• Entries taken from a collection:
------

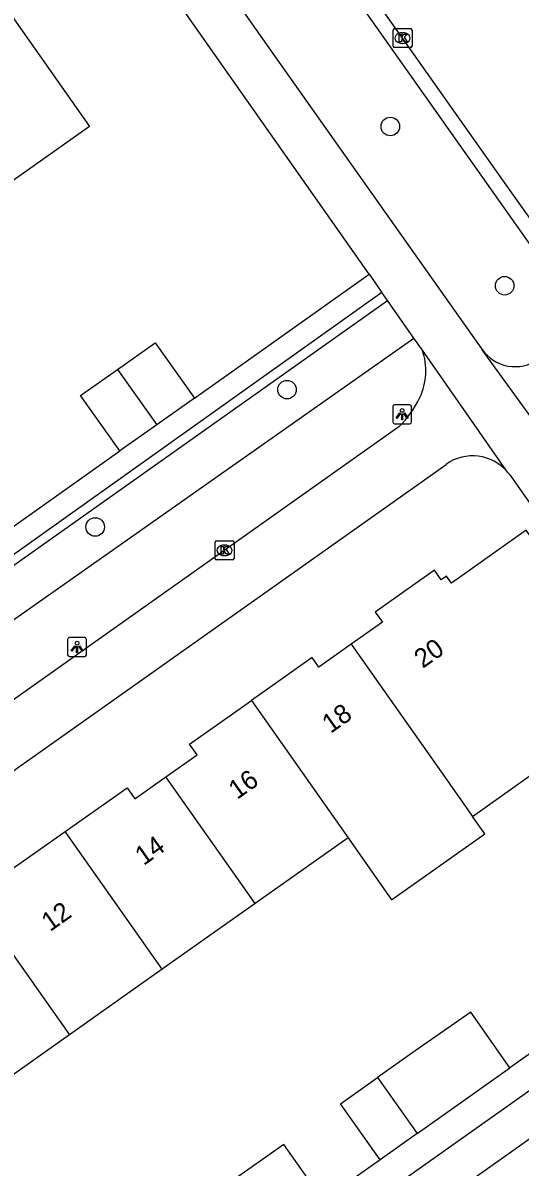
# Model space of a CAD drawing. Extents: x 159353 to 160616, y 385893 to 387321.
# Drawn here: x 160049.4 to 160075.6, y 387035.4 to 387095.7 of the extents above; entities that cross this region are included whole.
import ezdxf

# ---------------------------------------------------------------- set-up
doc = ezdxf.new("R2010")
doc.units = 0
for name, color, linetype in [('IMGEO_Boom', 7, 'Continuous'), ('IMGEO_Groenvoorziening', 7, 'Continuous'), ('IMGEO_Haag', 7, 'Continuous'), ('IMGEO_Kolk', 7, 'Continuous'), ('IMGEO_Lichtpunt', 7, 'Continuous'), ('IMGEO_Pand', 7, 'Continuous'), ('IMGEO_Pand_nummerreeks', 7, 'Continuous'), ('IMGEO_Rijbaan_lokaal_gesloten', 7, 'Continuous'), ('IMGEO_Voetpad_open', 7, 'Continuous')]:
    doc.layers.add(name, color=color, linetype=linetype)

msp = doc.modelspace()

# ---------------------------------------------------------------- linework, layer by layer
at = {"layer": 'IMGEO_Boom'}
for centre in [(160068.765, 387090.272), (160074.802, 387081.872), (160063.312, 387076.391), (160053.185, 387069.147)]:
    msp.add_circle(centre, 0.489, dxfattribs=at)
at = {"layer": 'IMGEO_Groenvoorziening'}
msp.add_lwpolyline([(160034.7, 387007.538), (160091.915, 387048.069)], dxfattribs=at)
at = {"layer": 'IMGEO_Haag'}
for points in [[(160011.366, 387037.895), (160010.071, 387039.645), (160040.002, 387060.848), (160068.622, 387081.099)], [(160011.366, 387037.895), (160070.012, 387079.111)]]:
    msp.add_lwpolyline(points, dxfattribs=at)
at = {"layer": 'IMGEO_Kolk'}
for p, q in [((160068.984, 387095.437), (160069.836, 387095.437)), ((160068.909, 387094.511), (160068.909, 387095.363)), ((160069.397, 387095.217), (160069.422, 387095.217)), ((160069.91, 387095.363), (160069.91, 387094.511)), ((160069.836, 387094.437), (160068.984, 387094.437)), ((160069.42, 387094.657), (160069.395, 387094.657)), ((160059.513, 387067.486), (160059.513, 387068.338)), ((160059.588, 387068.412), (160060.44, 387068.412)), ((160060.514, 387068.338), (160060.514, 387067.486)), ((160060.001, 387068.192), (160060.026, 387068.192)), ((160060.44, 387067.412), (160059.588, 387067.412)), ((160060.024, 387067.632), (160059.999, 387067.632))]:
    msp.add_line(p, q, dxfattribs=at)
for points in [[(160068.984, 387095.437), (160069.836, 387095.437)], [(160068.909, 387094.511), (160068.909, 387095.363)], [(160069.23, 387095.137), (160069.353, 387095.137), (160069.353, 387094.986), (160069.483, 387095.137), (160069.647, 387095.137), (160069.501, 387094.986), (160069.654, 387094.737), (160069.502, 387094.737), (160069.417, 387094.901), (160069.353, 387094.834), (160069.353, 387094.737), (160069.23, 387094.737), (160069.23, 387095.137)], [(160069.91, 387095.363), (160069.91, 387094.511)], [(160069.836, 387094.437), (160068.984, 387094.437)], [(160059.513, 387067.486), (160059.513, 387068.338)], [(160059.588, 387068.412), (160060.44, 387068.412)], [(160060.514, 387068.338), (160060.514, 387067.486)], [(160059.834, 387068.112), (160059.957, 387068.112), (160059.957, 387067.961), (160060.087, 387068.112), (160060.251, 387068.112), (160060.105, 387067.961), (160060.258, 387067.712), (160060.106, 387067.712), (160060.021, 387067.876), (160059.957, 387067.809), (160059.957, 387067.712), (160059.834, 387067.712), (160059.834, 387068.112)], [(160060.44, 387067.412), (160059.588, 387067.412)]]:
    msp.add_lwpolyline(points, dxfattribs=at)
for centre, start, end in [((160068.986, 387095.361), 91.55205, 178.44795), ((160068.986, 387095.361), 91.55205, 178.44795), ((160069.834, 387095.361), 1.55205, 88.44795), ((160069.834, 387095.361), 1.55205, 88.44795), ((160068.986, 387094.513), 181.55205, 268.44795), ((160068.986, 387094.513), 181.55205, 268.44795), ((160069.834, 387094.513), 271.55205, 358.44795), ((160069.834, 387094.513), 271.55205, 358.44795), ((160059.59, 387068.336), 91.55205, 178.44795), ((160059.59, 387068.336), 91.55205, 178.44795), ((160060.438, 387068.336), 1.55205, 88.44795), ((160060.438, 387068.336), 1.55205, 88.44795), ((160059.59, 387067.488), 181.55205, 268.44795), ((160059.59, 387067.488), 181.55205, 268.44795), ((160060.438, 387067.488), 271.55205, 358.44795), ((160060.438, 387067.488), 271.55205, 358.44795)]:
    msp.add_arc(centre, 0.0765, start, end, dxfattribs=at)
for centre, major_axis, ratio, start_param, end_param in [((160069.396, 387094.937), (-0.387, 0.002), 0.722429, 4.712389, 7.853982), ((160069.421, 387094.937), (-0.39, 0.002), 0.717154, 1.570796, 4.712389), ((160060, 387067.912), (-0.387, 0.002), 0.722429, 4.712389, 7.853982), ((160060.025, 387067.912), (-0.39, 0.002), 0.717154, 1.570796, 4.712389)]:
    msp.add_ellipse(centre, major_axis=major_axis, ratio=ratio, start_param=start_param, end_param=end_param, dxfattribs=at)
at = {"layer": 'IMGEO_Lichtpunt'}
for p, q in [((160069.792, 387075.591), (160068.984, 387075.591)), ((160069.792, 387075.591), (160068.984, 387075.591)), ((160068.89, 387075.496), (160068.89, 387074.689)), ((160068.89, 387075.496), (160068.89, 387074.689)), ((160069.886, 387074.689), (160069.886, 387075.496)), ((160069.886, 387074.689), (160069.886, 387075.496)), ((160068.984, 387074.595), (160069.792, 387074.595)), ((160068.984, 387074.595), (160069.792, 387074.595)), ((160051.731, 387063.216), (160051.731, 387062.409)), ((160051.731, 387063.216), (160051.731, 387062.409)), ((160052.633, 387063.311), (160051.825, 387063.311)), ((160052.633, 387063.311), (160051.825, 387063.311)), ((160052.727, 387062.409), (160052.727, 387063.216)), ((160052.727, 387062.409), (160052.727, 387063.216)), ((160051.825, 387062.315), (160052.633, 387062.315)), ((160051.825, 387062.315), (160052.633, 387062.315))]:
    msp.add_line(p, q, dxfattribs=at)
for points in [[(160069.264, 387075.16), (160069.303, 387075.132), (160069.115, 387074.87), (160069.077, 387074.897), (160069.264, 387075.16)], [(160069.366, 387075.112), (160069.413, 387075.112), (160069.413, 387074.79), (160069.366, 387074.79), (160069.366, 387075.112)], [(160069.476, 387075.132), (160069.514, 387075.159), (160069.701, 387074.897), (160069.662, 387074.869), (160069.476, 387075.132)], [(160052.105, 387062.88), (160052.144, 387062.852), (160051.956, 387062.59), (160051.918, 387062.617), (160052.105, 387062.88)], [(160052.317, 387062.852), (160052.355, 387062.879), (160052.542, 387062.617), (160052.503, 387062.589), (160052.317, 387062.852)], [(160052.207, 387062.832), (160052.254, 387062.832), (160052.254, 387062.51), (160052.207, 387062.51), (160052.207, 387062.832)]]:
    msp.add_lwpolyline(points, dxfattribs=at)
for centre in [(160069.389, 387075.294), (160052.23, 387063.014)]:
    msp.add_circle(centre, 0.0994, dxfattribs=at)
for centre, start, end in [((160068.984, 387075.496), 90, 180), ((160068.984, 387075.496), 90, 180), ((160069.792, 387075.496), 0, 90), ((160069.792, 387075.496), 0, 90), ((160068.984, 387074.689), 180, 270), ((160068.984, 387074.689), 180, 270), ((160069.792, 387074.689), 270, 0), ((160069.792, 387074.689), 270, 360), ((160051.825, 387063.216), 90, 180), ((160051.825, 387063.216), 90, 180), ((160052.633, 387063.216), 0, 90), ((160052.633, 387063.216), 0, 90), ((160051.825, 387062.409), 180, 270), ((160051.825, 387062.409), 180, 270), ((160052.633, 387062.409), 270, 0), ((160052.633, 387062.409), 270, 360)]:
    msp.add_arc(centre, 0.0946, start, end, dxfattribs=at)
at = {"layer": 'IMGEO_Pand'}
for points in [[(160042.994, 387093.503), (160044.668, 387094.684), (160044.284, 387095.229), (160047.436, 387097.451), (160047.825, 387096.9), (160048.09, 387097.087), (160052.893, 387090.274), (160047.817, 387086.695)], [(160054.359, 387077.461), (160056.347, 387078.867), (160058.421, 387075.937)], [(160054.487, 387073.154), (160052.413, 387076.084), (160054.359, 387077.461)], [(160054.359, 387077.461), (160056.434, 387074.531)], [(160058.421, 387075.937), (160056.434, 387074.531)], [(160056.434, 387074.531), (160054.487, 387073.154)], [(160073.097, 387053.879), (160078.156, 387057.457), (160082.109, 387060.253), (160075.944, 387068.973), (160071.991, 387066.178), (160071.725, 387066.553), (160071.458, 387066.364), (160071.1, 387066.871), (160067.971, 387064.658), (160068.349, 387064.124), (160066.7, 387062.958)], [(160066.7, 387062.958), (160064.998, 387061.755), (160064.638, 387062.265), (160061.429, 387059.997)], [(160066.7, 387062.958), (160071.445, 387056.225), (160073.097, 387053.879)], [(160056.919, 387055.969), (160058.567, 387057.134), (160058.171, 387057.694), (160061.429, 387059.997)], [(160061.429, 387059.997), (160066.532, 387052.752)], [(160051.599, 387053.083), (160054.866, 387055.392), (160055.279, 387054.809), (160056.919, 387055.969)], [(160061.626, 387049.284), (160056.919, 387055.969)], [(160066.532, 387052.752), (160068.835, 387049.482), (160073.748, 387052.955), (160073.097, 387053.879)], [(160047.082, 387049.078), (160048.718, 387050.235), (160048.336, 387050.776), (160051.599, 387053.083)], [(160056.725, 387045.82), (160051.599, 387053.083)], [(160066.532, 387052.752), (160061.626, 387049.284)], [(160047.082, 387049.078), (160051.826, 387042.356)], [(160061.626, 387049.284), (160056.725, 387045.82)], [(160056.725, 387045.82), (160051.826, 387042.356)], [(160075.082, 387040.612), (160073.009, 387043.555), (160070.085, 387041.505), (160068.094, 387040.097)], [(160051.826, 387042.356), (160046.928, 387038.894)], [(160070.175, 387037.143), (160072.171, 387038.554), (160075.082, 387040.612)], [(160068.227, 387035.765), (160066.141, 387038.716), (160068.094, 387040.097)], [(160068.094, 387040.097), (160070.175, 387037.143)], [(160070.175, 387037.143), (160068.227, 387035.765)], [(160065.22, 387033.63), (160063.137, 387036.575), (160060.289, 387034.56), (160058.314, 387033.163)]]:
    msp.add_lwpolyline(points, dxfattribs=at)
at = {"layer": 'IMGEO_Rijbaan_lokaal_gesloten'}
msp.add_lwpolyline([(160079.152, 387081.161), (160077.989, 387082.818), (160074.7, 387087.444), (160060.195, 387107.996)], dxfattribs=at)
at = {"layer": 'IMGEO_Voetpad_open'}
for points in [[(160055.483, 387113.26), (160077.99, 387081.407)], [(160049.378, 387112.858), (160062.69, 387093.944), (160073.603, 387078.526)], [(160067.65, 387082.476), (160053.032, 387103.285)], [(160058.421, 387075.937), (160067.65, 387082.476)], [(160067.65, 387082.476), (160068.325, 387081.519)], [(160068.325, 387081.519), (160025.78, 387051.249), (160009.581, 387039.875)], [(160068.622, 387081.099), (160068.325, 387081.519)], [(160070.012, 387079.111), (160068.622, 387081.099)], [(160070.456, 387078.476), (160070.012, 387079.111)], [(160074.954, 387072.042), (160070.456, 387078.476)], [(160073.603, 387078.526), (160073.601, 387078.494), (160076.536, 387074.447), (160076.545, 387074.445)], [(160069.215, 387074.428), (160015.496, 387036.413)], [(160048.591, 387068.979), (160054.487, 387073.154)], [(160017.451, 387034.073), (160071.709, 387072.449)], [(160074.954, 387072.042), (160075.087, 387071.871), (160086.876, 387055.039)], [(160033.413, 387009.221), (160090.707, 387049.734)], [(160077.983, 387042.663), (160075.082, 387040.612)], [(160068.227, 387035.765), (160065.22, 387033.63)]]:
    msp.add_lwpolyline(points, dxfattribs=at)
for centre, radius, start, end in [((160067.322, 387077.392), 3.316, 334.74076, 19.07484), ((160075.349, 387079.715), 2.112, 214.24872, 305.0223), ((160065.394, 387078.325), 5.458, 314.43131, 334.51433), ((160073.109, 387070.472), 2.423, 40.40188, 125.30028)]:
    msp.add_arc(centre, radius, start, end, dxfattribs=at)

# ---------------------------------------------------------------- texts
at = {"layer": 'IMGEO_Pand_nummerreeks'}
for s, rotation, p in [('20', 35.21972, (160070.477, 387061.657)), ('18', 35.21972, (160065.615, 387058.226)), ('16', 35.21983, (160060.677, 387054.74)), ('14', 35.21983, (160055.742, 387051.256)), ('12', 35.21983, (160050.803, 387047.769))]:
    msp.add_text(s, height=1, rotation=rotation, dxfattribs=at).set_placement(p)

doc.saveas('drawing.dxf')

------

• EXERCISE OBJECTIVE:
Only lines belong in the copy, not pictures: write out exactly the lines of the records from the first through the one holding "for name, color, linetype".

• SOLUTION:
# Model space of a CAD drawing. Extents: x 159353 to 160616, y 385893 to 387321.
# Drawn here: x 160049.4 to 160075.6, y 387035.4 to 387095.7 of the extents above; entities that cross this region are included whole.
import ezdxf

# ---------------------------------------------------------------- set-up
doc = ezdxf.new("R2010")
doc.units = 0
for name, color, linetype in [('IMGEO_Boom', 7, 'Continuous'), ('IMGEO_Groenvoorziening', 7, 'Continuous'), ('IMGEO_Haag', 7, 'Continuous'), ('IMGEO_Kolk', 7, 'Continuous'), ('IMGEO_Lichtpunt', 7, 'Continuous'), ('IMGEO_Pand', 7, 'Continuous'), ('IMGEO_Pand_nummerreeks', 7, 'Continuous'), ('IMGEO_Rijbaan_lokaal_gesloten', 7, 'Continuous'), ('IMGEO_Voetpad_open', 7, 'Continuous')]:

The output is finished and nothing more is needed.